I'm looking for some help with ode45 solver.

I have the following set of ODEs:

function Y=f(~,X)

n=1.3;

dF1deta=X(2);

dF2deta=n^(-1)*((X(2)^(2)+X(4)^(2))^((n-1)/2))^(-1)*((X(1)^(2)-X(3)^(2)+(-X(5))*X(2))*(1+(n-1)*(X(2)^(2)+X(4)^2)^(-1)*X(4)^(2))-(n-1)*X(2)*X(4)*(X(2)^(2)+X(4)^(2))^(-1)*(2*X(1)*X(3)+(-X(5))*X(4)));

dG1deta=X(4);

dG2deta=n^(-1)*((X(2)^(2)+X(4)^(2))^((n-1)/2))^(-1)*((2*X(1)*X(3)+(-X(5))*X(4))*(1+(n-1)*(X(2)^(2)+X(4)^2)^(-1)*X(2)^(2))-(n-1)*X(2)*X(4)*(X(2)^(2)+X(4)^(2))^(-1)*(X(1)^(2)-X(3)^(2)+(-X(5))*X(2)));

dH1deta=(3*n+1)/(n+1)*X(1);

Y = [dF1deta; dF2deta; dG1deta; dG2deta; dH1deta];


I need to solve this as such:

etaspan = [0 20];

Xinit = [0; 0; 0; 0; -0.73591509];

options = odeset('AbsTol', 1e-10, 'RelTol', 1e-8);

[eta,X]=ode45(@f,etaspan,Xinit,options);

figure;
hold all;
plot(eta,X(:,1));
plot(eta,X(:,3));
plot(eta,-X(:,5));
hold off;
xlabel('\eta')
hleg = legend('F','G','-H','Location','NorthWest');


In this case ode45 fails to produce a solution. I'm guessing this is because of the four initial conditions being set to zero? Is there another solver that will be able to handle this?

Thanks.

Jan Simon

### Jan Simon (view profile)

on 21 Nov 2012

What does "ODE45 fails" explicitly mean? Do you get an error message or do the results differ from your expectations? Please explain such important details.
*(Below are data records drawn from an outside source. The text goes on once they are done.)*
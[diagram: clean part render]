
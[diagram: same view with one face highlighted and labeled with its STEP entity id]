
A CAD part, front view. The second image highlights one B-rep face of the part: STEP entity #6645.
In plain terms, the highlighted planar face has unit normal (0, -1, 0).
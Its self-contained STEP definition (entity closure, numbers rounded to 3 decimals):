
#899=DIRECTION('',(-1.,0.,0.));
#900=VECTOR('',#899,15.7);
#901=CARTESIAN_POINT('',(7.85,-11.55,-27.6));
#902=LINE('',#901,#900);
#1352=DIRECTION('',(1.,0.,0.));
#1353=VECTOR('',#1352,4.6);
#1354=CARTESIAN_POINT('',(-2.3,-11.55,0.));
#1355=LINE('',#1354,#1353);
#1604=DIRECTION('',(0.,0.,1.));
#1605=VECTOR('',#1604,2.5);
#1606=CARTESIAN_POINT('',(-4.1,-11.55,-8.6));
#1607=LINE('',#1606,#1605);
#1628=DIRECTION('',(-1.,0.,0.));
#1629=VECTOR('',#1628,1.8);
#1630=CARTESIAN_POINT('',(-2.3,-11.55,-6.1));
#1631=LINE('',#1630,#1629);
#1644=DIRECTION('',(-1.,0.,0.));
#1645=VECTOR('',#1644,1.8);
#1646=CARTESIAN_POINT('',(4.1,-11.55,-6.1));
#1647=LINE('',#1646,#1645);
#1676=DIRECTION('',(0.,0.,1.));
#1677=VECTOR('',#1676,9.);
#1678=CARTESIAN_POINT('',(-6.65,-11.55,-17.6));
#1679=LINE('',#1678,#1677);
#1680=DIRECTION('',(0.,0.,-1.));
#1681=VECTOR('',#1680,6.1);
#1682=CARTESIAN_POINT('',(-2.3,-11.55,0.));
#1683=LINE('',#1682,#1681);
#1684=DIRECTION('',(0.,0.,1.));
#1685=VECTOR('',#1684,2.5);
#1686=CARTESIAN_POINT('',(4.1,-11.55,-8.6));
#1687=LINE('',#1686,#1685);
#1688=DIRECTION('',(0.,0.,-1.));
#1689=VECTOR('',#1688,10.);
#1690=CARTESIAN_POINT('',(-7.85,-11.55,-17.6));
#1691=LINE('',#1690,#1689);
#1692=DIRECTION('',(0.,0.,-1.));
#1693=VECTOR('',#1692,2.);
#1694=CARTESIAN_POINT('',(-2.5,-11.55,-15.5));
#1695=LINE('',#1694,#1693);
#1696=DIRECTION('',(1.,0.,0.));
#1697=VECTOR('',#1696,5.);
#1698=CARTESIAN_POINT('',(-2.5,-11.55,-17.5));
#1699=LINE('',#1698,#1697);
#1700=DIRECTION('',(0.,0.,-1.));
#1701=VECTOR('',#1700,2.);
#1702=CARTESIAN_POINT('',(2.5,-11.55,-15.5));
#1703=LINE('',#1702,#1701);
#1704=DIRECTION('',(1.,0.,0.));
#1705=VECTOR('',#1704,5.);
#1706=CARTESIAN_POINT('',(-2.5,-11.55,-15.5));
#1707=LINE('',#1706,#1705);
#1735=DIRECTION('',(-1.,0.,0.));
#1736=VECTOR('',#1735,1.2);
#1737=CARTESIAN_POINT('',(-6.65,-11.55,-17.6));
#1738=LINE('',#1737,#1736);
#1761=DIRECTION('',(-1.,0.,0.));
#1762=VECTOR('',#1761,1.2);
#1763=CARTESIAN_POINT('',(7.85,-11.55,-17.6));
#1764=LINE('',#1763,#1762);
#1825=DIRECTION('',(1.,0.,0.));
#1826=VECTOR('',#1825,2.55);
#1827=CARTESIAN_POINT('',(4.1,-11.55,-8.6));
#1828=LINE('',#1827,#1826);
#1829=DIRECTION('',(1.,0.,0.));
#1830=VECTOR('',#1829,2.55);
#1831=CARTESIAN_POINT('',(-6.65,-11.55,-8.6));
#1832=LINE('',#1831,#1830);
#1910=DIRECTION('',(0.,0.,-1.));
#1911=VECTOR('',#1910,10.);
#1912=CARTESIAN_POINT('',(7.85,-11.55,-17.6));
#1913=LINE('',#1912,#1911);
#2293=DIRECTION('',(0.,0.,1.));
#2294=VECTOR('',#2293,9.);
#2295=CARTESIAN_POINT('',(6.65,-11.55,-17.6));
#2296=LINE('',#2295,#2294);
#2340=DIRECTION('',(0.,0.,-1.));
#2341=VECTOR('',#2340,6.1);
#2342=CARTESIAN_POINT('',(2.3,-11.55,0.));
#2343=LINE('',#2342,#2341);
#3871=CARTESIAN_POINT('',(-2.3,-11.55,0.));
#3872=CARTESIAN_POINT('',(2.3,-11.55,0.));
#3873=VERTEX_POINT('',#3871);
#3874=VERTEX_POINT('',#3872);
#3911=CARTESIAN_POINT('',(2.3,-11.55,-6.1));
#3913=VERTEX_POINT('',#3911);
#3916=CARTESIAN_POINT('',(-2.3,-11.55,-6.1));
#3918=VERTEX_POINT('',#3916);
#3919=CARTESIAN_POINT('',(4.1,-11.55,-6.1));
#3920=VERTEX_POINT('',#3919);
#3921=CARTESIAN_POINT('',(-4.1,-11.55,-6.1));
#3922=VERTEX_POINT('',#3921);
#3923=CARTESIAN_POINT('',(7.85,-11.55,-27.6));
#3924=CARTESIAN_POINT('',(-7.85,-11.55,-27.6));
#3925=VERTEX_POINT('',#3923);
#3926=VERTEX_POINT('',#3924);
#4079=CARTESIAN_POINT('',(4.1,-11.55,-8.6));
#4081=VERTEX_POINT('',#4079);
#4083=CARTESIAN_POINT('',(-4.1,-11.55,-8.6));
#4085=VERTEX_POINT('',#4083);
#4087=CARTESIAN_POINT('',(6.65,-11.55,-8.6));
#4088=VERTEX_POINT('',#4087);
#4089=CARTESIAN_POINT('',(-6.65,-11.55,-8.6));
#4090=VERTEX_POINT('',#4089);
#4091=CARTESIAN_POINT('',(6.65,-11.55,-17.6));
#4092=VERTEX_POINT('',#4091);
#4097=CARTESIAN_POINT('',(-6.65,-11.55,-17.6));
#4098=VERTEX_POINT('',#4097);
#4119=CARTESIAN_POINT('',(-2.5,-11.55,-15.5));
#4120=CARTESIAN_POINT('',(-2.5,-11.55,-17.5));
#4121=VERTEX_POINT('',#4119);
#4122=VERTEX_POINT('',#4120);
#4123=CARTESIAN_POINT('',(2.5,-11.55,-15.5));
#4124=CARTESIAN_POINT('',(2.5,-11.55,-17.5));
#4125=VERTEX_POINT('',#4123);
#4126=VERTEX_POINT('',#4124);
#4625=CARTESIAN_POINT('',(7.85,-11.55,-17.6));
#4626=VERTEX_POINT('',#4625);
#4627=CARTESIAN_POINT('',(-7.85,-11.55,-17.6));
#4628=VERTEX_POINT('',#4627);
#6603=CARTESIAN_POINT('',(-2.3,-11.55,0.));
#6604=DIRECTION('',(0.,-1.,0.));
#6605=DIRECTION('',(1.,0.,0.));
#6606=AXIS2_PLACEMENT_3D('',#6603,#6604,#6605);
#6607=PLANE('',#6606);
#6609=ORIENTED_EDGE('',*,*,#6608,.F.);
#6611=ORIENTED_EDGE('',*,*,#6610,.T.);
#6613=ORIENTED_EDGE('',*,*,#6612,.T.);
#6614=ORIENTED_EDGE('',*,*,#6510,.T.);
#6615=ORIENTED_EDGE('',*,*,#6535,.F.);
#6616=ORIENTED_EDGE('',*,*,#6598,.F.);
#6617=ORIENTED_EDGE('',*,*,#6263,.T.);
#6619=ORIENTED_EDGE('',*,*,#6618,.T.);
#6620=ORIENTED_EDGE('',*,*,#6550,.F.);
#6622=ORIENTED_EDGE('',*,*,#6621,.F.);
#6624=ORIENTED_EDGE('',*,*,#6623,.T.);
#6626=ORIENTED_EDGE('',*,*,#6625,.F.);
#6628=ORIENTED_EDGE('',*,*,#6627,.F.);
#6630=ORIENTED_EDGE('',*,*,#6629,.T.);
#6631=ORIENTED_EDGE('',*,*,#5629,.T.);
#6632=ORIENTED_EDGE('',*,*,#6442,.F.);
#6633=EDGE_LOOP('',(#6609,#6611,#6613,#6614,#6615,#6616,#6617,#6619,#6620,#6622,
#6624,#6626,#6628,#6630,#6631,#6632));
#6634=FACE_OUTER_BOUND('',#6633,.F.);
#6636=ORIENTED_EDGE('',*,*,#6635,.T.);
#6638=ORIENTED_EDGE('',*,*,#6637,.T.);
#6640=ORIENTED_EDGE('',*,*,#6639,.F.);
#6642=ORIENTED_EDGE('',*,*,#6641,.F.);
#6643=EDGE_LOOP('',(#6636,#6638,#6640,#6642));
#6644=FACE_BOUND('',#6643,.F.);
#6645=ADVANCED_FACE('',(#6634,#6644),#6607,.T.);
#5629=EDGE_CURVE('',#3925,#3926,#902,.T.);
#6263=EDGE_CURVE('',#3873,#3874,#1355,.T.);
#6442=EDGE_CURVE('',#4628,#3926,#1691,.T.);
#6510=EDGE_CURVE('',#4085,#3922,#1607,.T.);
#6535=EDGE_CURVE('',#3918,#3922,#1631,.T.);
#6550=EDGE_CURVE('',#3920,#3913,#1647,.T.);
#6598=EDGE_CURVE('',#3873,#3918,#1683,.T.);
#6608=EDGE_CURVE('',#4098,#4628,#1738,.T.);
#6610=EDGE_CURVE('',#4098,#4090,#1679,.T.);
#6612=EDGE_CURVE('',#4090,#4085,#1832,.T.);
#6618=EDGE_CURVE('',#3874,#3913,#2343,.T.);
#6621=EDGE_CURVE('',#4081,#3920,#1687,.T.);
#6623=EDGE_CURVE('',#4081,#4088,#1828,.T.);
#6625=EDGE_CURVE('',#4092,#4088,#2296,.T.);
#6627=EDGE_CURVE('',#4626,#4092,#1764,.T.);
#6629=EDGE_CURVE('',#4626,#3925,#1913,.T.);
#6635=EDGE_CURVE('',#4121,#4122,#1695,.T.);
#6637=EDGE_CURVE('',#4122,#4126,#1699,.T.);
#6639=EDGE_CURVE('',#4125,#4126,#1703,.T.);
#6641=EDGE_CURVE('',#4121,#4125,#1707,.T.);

An absolute tolerance of 1e-10 is really very tiny. I cannot imagine any scientific field, where an ODE45 integration with such a tiny tolerance has any kind of power and meaning.

pxg882

### pxg882 (view profile)

on 21 Nov 2012

Granted the tolerance is high, maybe that should be altered. Running the script produces a blank plot, I am assuming this is due to the initial values being set to zero. It would appear that since these values are zero at the initial state they remain at zero for all eta. Looking at an example solution to this problem I know this isn't the case though.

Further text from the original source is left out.